Letzters bring mich dem Ergebnis näher, aber folgender Fehler tritt auf:
_ORA-01830: Datumsformatstruktur endet vor Umwandlung der gesamten Eingabezeichenfolge_


// EDIT: OK, wenn ich das 'X' vor den Sekundenbruchteilen ('FF') weglasse, dann geht es. Wofür steht das X?


----------



## abollm (10. Aug 2007)

Evolver hat gesagt.:
			
		

> [..]
> _ORA-01830: Datumsformatstruktur endet vor Umwandlung der gesamten Eingabezeichenfolge_
> 
> // EDIT: OK, wenn ich das 'X' vor den Sekundenbruchteilen ('FF') weglasse, dann geht es. Wofür steht das X?



X steht gemäß Oracle-Doku für "Local radix character"

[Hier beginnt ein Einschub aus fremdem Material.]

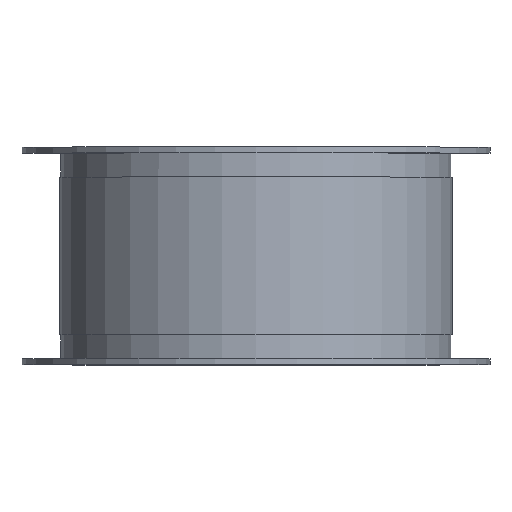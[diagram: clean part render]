
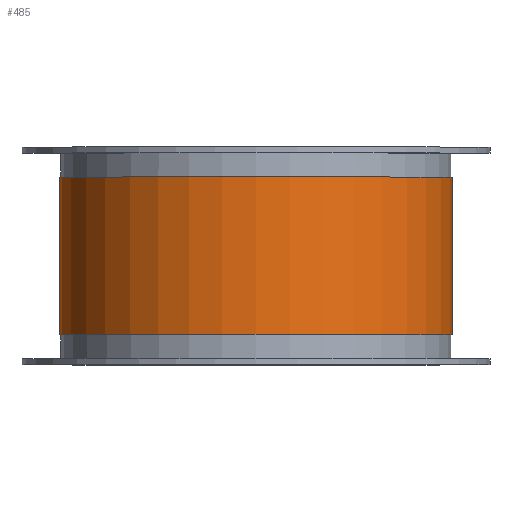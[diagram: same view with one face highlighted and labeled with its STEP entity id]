
A CAD part, top view. The second image highlights one B-rep face of the part: STEP entity #485.
In plain terms, the highlighted cylindrical face has radius 131 mm (diameter 262 mm), a full revolution.
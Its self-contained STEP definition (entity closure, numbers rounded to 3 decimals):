
#14=CYLINDRICAL_SURFACE('',#529,131.);
#40=FACE_BOUND('',#139,.T.);
#104=FACE_OUTER_BOUND('',#138,.T.);
#138=EDGE_LOOP('',(#378));
#139=EDGE_LOOP('',(#379));
#230=CIRCLE('',#524,131.);
#232=CIRCLE('',#527,131.);
#278=VERTEX_POINT('',#767);
#280=VERTEX_POINT('',#772);
#326=EDGE_CURVE('',#278,#278,#230,.T.);
#328=EDGE_CURVE('',#280,#280,#232,.T.);
#378=ORIENTED_EDGE('',*,*,#328,.F.);
#379=ORIENTED_EDGE('',*,*,#326,.T.);
#485=ADVANCED_FACE('',(#104,#40),#14,.T.);
#524=AXIS2_PLACEMENT_3D('',#768,#607,#608);
#527=AXIS2_PLACEMENT_3D('',#773,#613,#614);
#529=AXIS2_PLACEMENT_3D('',#776,#617,#618);
#607=DIRECTION('center_axis',(0.,1.,0.));
#608=DIRECTION('ref_axis',(1.,0.,0.));
#613=DIRECTION('center_axis',(0.,1.,0.));
#614=DIRECTION('ref_axis',(1.,0.,0.));
#617=DIRECTION('center_axis',(0.,1.,0.));
#618=DIRECTION('ref_axis',(0.,0.,1.));
#767=CARTESIAN_POINT('',(0.,-52.5,131.));
#768=CARTESIAN_POINT('Origin',(0.,-52.5,0.));
#772=CARTESIAN_POINT('',(0.,52.5,131.));
#773=CARTESIAN_POINT('Origin',(0.,52.5,0.));
#776=CARTESIAN_POINT('Origin',(0.,0.,0.));
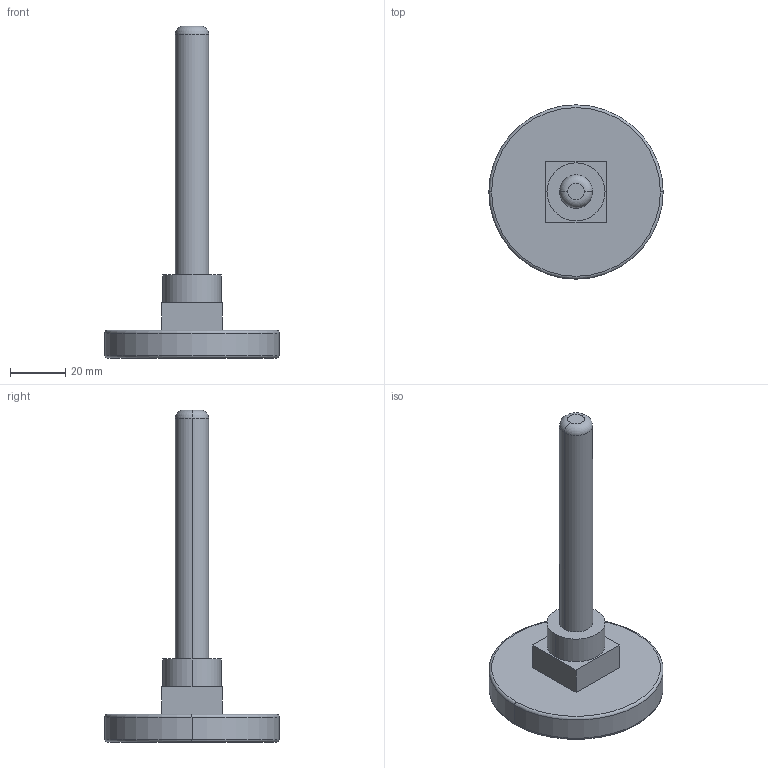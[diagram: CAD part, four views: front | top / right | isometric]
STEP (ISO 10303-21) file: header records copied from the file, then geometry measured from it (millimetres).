
FILE_DESCRIPTION (( 'STEP AP214' ), '1' );
FILE_NAME ('Termometr_bimetaliczny_x_0_3D_AFRISO.STEP', '2022-12-16T13:38:27', ( '' ), ( '' ), 'SwSTEP 2.0', 'SolidWorks 2022', '' );
FILE_SCHEMA (( 'AUTOMOTIVE_DESIGN' ));
Length unit declared in the file: millimetre
Products named in the file (1): Termometr_bimetaliczny_x_0_3D_AFRISO
Bounding box: 63 x 63 x 120 mm (x, y, z)
Volume: 49505.8 mm3; surface area: 12923 mm2
Topology: 1 solids, 1 shells, 21 faces, 42 edges, 26 vertices
Faces by surface type: plane 9, torus 6, cylinder 6
Entity records: 586 total; most frequent: DIRECTION 110, CARTESIAN_POINT 90, ORIENTED_EDGE 84, AXIS2_PLACEMENT_3D 46, EDGE_CURVE 42, VERTEX_POINT 26, EDGE_LOOP 24, CIRCLE 24
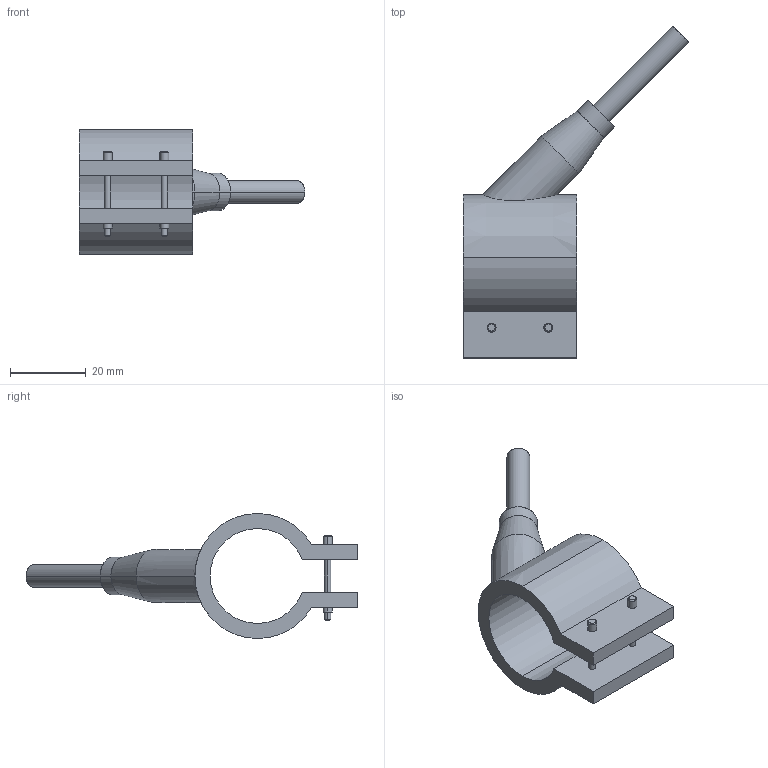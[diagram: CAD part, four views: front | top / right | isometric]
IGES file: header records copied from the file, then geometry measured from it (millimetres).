
Start section: START RECORD GO HERE.
Global section: file name: 29025030.igs; native system: DASSAULT SYSTEMES CATIA V5 R20 - www.3ds.com; preprocessor: CATIA Version 5 Release 20 ; author: Utente; organization: NB04-ASUS; date: 20210327.100853; units: millimetre
Bounding box: 59.55 x 87.55 x 33 mm (x, y, z)
Surface area: 9223.6 mm2 (no closed solid volume)
Topology: 0 solids, 0 shells, 54 faces, 246 edges, 246 vertices
Faces by surface type: revolution 38, plane 16
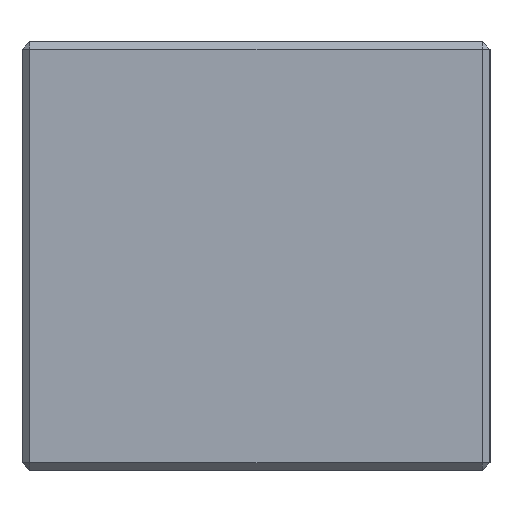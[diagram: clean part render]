
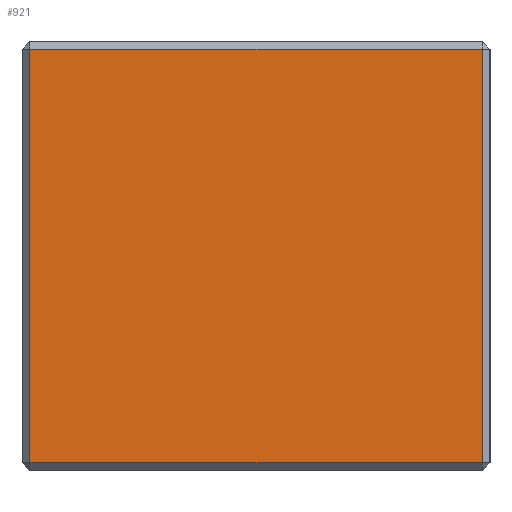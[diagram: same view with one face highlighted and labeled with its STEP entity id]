
A CAD part, left-side view. The second image highlights one B-rep face of the part: STEP entity #921.
In plain terms, the highlighted planar face has unit normal (-1, 0, 0).
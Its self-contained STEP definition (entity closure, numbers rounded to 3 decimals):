
#81 = VECTOR ( 'NONE', #1826, 1000. ) ;
#138 = DIRECTION ( 'NONE',  ( 0., -1., 0. ) ) ;
#177 = VERTEX_POINT ( 'NONE', #2196 ) ;
#252 = CARTESIAN_POINT ( 'NONE',  ( -40., 29., 0. ) ) ;
#369 = EDGE_LOOP ( 'NONE', ( #1485, #2250, #526, #2264 ) ) ;
#377 = EDGE_CURVE ( 'NONE', #1369, #1458, #1819, .T. ) ;
#420 = VECTOR ( 'NONE', #138, 1000. ) ;
#433 = LINE ( 'NONE', #252, #1852 ) ;
#526 = ORIENTED_EDGE ( 'NONE', *, *, #377, .F. ) ;
#562 = DIRECTION ( 'NONE',  ( 0., 0., 1. ) ) ;
#725 = LINE ( 'NONE', #1111, #81 ) ;
#820 = VECTOR ( 'NONE', #1087, 1000. ) ;
#911 = CARTESIAN_POINT ( 'NONE',  ( -40., 29., -1. ) ) ;
#921 = ADVANCED_FACE ( 'NONE', ( #1874 ), #1518, .T. ) ;
#987 = EDGE_CURVE ( 'NONE', #1651, #177, #2212, .T. ) ;
#1018 = EDGE_CURVE ( 'NONE', #1651, #1458, #725, .T. ) ;
#1087 = DIRECTION ( 'NONE',  ( 0., 1., 0. ) ) ;
#1111 = CARTESIAN_POINT ( 'NONE',  ( -40., -29., 0. ) ) ;
#1290 = CARTESIAN_POINT ( 'NONE',  ( -40., -29., -54. ) ) ;
#1369 = VERTEX_POINT ( 'NONE', #911 ) ;
#1458 = VERTEX_POINT ( 'NONE', #2259 ) ;
#1485 = ORIENTED_EDGE ( 'NONE', *, *, #987, .F. ) ;
#1504 = CARTESIAN_POINT ( 'NONE',  ( -40., -30., 0. ) ) ;
#1518 = PLANE ( 'NONE',  #1646 ) ;
#1568 = DIRECTION ( 'NONE',  ( 0., 0., -1. ) ) ;
#1646 = AXIS2_PLACEMENT_3D ( 'NONE', #1504, #2024, #562 ) ;
#1651 = VERTEX_POINT ( 'NONE', #1290 ) ;
#1658 = CARTESIAN_POINT ( 'NONE',  ( -40., -15., -54. ) ) ;
#1793 = CARTESIAN_POINT ( 'NONE',  ( -40., -15., -1. ) ) ;
#1819 = LINE ( 'NONE', #1793, #420 ) ;
#1826 = DIRECTION ( 'NONE',  ( 0., 0., 1. ) ) ;
#1852 = VECTOR ( 'NONE', #1568, 1000. ) ;
#1874 = FACE_OUTER_BOUND ( 'NONE', #369, .T. ) ;
#2024 = DIRECTION ( 'NONE',  ( -1., 0., 0. ) ) ;
#2088 = EDGE_CURVE ( 'NONE', #1369, #177, #433, .T. ) ;
#2196 = CARTESIAN_POINT ( 'NONE',  ( -40., 29., -54. ) ) ;
#2212 = LINE ( 'NONE', #1658, #820 ) ;
#2250 = ORIENTED_EDGE ( 'NONE', *, *, #1018, .T. ) ;
#2259 = CARTESIAN_POINT ( 'NONE',  ( -40., -29., -1. ) ) ;
#2264 = ORIENTED_EDGE ( 'NONE', *, *, #2088, .T. ) ;

Ich hatte auf meiner Oracle 9.2.0.7-Instanz keine Probleme mit dem obigen Statement. Dass du Probleme hattest, liegt vermutlich an deinem NLS_LANG-Parameter. Bei mir ist

american_america.WE8ISO8859P1

eingestellt.


----------



## Evolver (12. Aug 2007)

Hm, gibt es nur diese beiden Möglichkeiten: 
Amerikanisch, mit X
Nicht-Amerikanisch, ohne X

Oder muss man eher sagen, das fehlende X ist eine deutsche (europäische) Spezialität?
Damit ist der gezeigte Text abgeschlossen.